Aan maatschapfusies liggen verschillende beweegredenen ten grondslag die veelal niet los van elkaar zijn te zien. Er zijn twee hoofdmotieven: schaalvoordelen en strategische overwegingen.

Ten aanzien van de schaalvoordelen is vooral de subspecialisatie van belang. Om binnen een maatschap verschillende subspecialismen mogelijk te maken zijn voldoende behandelingen nodig, zeker gezien het toenemend belang van volumenormen. Daarnaast vinden maatschappen een fusie soms noodzakelijk om de minimale patiëntenaantallen te halen die nodig zijn om investeringen in apparatuur en personeel te kunnen doen.

Wat betreft de strategische overwegingen geldt allereerst dat maatschappen door te fuseren hun positie tegenover het ziekenhuisbestuur kunnen versterken. Een regiomaatschap zou bijvoorbeeld, zeker na de invoering van integrale tarieven in 2015, kunnen proberen om de raden van bestuur van de betrokken ziekenhuizen tegen elkaar uit te spelen om financiële concessies af te dwingen. Daarnaast is een fusie volgens de betrokken specialisten soms een manier om het huidige fiscaal ondernemerschap veilig te stellen. Naast andere factoren, is hiervoor namelijk van belang dat vrijgevestigde medisch specialisten meer dan één opdrachtgever hebben.4

Ziekenhuisbestuurders
De vorming van regiomaatschappen kan gevolgen hebben voor de bestuurders van de betrokken ziekenhuizen en voor de zorginkoop door zorgverzekeraars.

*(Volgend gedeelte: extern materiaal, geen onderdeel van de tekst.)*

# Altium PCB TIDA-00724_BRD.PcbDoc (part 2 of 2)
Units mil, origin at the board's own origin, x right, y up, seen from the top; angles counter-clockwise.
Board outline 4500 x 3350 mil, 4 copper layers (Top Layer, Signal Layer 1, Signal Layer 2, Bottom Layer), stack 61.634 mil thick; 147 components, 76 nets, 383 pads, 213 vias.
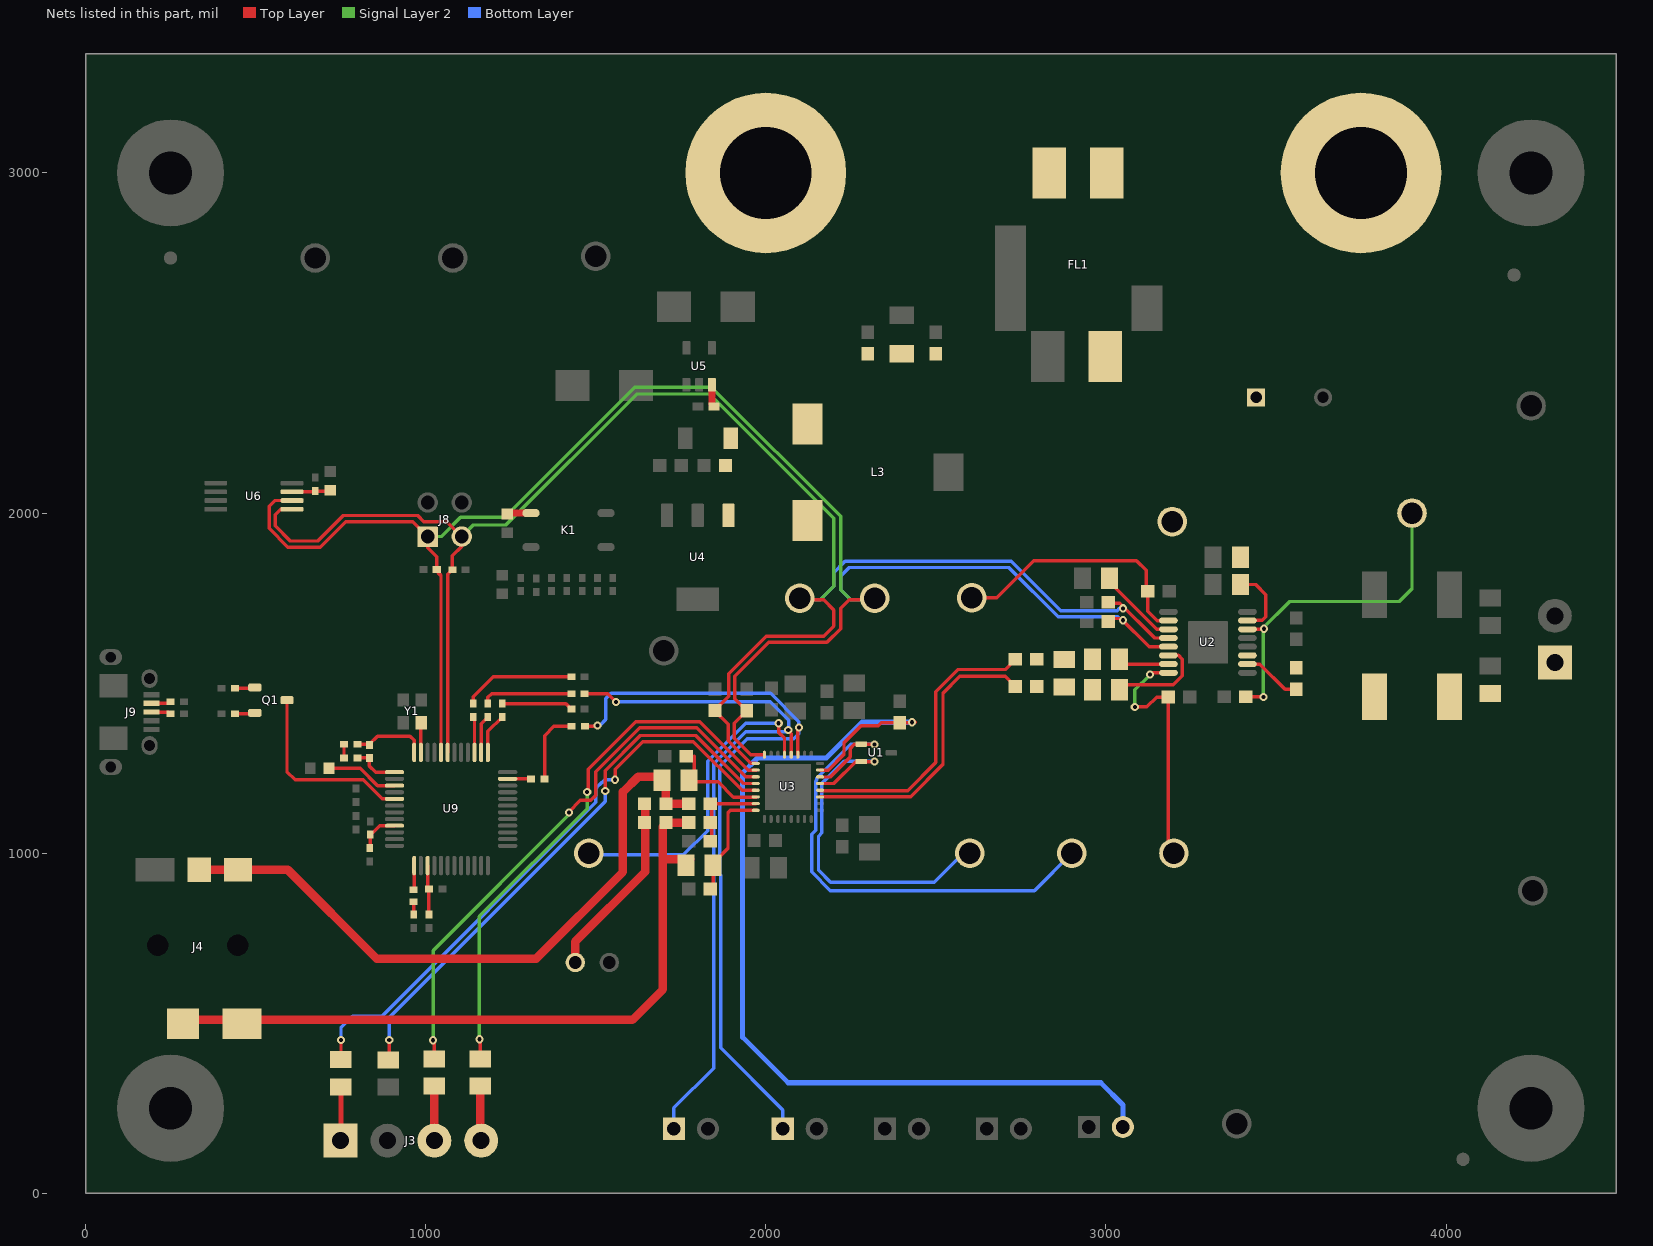
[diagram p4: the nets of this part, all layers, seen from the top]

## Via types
v1: diameter 24, hole 12, Top Layer to Bottom Layer, tented both sides, 188 vias
v2: diameter 15.75, hole 7.87, Top Layer to Bottom Layer, tented both sides, 18 vias
v3: diameter 19.68, hole 7.87, Top Layer to Bottom Layer, 5 vias
v4: diameter 20, hole 10, Top Layer to Bottom Layer, tented both sides, 2 vias

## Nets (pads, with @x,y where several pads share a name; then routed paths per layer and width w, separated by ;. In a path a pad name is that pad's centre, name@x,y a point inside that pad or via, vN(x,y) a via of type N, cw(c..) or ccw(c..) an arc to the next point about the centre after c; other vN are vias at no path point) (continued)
NetC6_2: C6.2 U3.12 | length 1664.3
  Top Layer w10: C6.2@890,383.5 893,386.5 v1(893,451) ; v1@1528,1186 1528,1242.72 1631.28,1346 1794.72,1346 1935.88,1204.84 U3.12@1970.51,1204.84
  Bottom Layer w10: v1(893,451) 893,517 1528,1152 v1(1528,1183)
NetC7_1: C7.1 J3.1 | length 166.9
  Top Layer w15: J3.1@750,155 751,156 C7.1@751,321.5
NetC7_2: C7.2 U3.13 | length 1771.4
  Top Layer w10: C7.2@751,384.5 v1(751,451) ; v1(1557,1216) 1557,1246.44 1638.68,1328.13 1787.32,1328.13 1930.29,1185.16 U3.13@1970.51,1185.16
  Bottom Layer w10: v1(751,451) 751,487 785,521 871.72,521 1500,1149.28 1500,1189 1503.13,1192.13 1503.13,1193.3 1517.7,1207.87 1518.87,1207.87 1527,1216 v1(1557,1216)
NetC8_1: C8.1 C9.2 R6.1
NetC8_2: C8.2 C12.2 R10.1
NetC9_1: C9.1 U2.6 | length 293.6
  Top Layer w10: C9.1@3040,1485 3050,1495 3197.86,1495 3224.29,1521.43 3224.29,1570.71 3213.39,1581.61 U2.6@3183.86,1581.61
NetC10_1: C10.1 L2.1 U2.11
NetC10_2: C10.2 U2.10 | length 174.3
  Top Layer w10: U2.10@3416.14,1556.02 3452.98,1556.02 3526.5,1482.5 C10.2@3560,1482.5
NetC11_1: C11.1 J1.1 L2.2
NetC12_1: C12.1 U2.7 | length 135.8
  Top Layer w10: C12.1@3048.02,1556.02 U2.7@3183.86,1556.02
NetC13_1: C13.1 U2.3 | length 243.7
  Top Layer w10: C13.1@3010,1810 3010,1798 3149.61,1658.39 U2.3@3183.86,1658.39
NetC24_1: C24.1 J3.4 | length 162.2
  Top Layer w25: C24.1@1160.59,314.41 C24.1@1160,315 1160,158.39 J3.4@1163.39,155
NetC24_2: C24.2 U3.10 | length 1600.1
  Top Layer w10: v1(1158,453) 1160,451 C24.2@1160,395 ; v1(1475,1180) 1478,1180 1478,1247 1618,1387 1806,1387 1949,1244 U3.10@1971.77,1244
  Signal Layer 2 w10: v1@1158,451 v1(1158,453) 1158,814 1475,1131 v1@1475,1178 ; v1(1475,1180) v1@1477,1180
NetC25_1: C25.1 J3.3 | length 163.4
  Top Layer w25: C25.1@1022.8,312.8 C25.1@1025,315 1025,155.59 J3.3@1025.59,155
NetC25_2: C25.2 U3.11 | length 1647.8
  Top Layer w10: v1(1022,450) 1025,447 C25.2@1025,395 ; v1(1421,1120) 1421,1121 1455.13,1155.13 1485.3,1155.13 1499.87,1169.7 1499.87,1169.87 1500,1170 1500,1240 1629,1369 1797,1369 1941,1225 U3.11@1971.77,1225
  Signal Layer 2 w10: v1@1020,449 v1@1020,450 ; v1(1022,450) 1022,714 1421,1113 v1(1421,1120)
NetC26_1: C26.1 C27.2 U3.14 | length 275.9
  Top Layer w10: 1789.5,1285 1789.5,1210 1860,1210 1905,1165 U3.14@1971.77,1165
NetC27_1: C27.1 J4.3 J4.5 R14.1 R16.2 | length 1974.5
  Top Layer w25: J4.5@333.94,951.46 J4.3@448.11,951.46 594.54,951.46 856,690 1325,690 1580,945 1580,1180 1625,1225 1685,1225 C27.1@1695,1215 1706.5,1203.5 R16.2@1706.5,1145 R14.1@1773.5,1145
NetC28_1: C28.1 J4.2 J4.4 R15.2 R17.2 | length 2090.9
  Top Layer w25: J4.4@286.69,498.7 297.99,510 1608,510 1697.63,599.63 1697.63,985 ; R15.2@1771.06,1090 1710.5,1090 1706.5,1086 1697.63,1077.13 1697.63,985 ; C28.1@1778.5,982.44 1700.19,982.44 1697.63,985
NetC28_2: C28.2 C29.1 U3.16 | length 324.8
  Top Layer w10: C29.1@1836.5,895 1845,903.5 C28.2@1845,965 ; C28.2@1841.5,982.44 1857.44,982.44 1889,1014 1889,1119 1896,1126 U3.16@1971.77,1126
NetC30_1: C30.1 R14.2 R15.1 U3.15 | length 245.6
  Top Layer w10: R14.2@1841.01,1145.79 U3.15@1970.51,1145.79 ; C30.1@1841.48,1042.46 1841.48,1157.44 R14.2@1842.27,1158.23
NetC31_1: C31.1 C32.1 C33.1 FL1.2 L3.1
NetC49_1: C49.1 R37.2 U9.1 | length 140.6
  Top Layer w10: R37.2@799.37,1280 799.69,1280.32 834.69,1280.32 834.69,1256.31 852.73,1238.27 U9.1@908.35,1238.27
NetC49_2: C49.2 C50.1 U9.48 | length 217.4
  Top Layer w10: C50.1@799.37,1320 834.37,1320 858.37,1344 911.02,1344 ; 911.05,1343.98 954.02,1343.98 966.42,1331.58 U9.48@966.42,1296.34
NetC50_2: C50.2 R37.1 | length 40
  Top Layer w10: R37.1@760,1280 C50.2@760,1320
NetC51_2: C51.2 R38.1 U9.9 | length 152
  Top Layer w10: R38.1@837,1054.32 837,1017.69 C51.2@840,1014.69 ; R38.1@839,1054.32 865.47,1080.79 U9.9@908.35,1080.79 907.44,1079.88 877.93,1079.88
NetC52_1: C52.1 R40.1 U9.15 | length 145.6
  Top Layer w10: U9.15@1005.79,963.66 1005.79,899.21 1009.69,895.32 R40.1@1009.69,819.69
NetD1_1: D1.1 R42.2 | length 37.6
  Top Layer w10: R42.2@964.69,819.69 D1.1@964.69,857.28
NetD1_2: D1.2 U9.13 | length 71.7
  Top Layer w10: D1.2@964.69,892.72 966.42,894.45 U9.13@966.42,963.66
NetFL1_1: FL1.1 J5.1
NetFL1_3: FL1.3 J6.1
NetJ2_2: J2.2 R8.1 U3.31 | length 2973.7
  Top Layer w10: U3.31@2159.49,1244.21 2183.93,1244.21 2230,1290.28 2230,1325 2280,1375 2330.71,1375 2339.2,1383.49 R8.1@2394.2,1383.49 v1@2438.49,1383.49 ; v1(2430,1385) 2435,1390 v1@2440,1385
  Bottom Layer w15: v1(2430,1385) 2282.65,1385 2177.65,1280 1975.37,1280 1932,1236.63 1932,459 2066,325 2985,325 3050,260 J2.2@3050,195
NetJ9_2: J9.2 R32.1 | length 57.9
  Top Layer w10: J9.2@194.29,1440.59 245.91,1440.59 R32.1@250.32,1445
NetJ9_3: J9.3 R34.1 | length 58.1
  Top Layer w10: J9.3@194.29,1415 245.32,1415 R34.1@250.32,1410
NetK1_1: K1.1 R19.1 | length 70.8
  Top Layer w20: R19.1@1240,1997.56 1242.44,2000 K1.1@1309.76,2000
NetMK1_2: MK1.2 R16.1 R17.1 | length 553.7
  Top Layer w25: MK1.2@1440,678.74 1440,740 1645,945 R16.1@1645,1147.5
NetQ1_1: Q1.1 R27.2 | length 59.1
  Top Layer w10: R27.2@439.69,1485 495.35,1485 Q1.1@497.76,1487.4
NetQ1_2: Q1.2 R31.1 | length 59.1
  Top Layer w10: R31.1@439.68,1410 495.16,1410 Q1.2@497.76,1412.6
NetR1_2: R1.2 TP5.1 U2.14 | length 1016.1
  Top Layer w10: R1.2@3411.5,1460 3462,1460 v1(3463,1459) ; U2.14@3416.14,1658.39 v1@3458.39,1658.39 ; v1@3456.77,1660 v1(3465,1660)
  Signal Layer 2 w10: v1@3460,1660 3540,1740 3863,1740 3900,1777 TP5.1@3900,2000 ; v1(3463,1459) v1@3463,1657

Voor de interne ‘governance’ van een ziekenhuis geldt dat na een maatschapfusie de belangen van de medisch specialisten en de raad van bestuur van de betrokken ziekenhuizen sterk(er) uiteen kunnen lopen. Raden van bestuur kunnen op het gebied van portfoliokeuzes (welke vormen van zorg worden in welk ziekenhuis geconcentreerd?) door de regiomaatschap tegen elkaar worden uitgespeeld, bijvoorbeeld om financiële concessies af te dwingen. Anderzijds kan het bestuur van een instelling na een maatschapfusie weigeren om toelatingsovereenkomsten te verlenen aan de specialisten van andere ziekenhuizen.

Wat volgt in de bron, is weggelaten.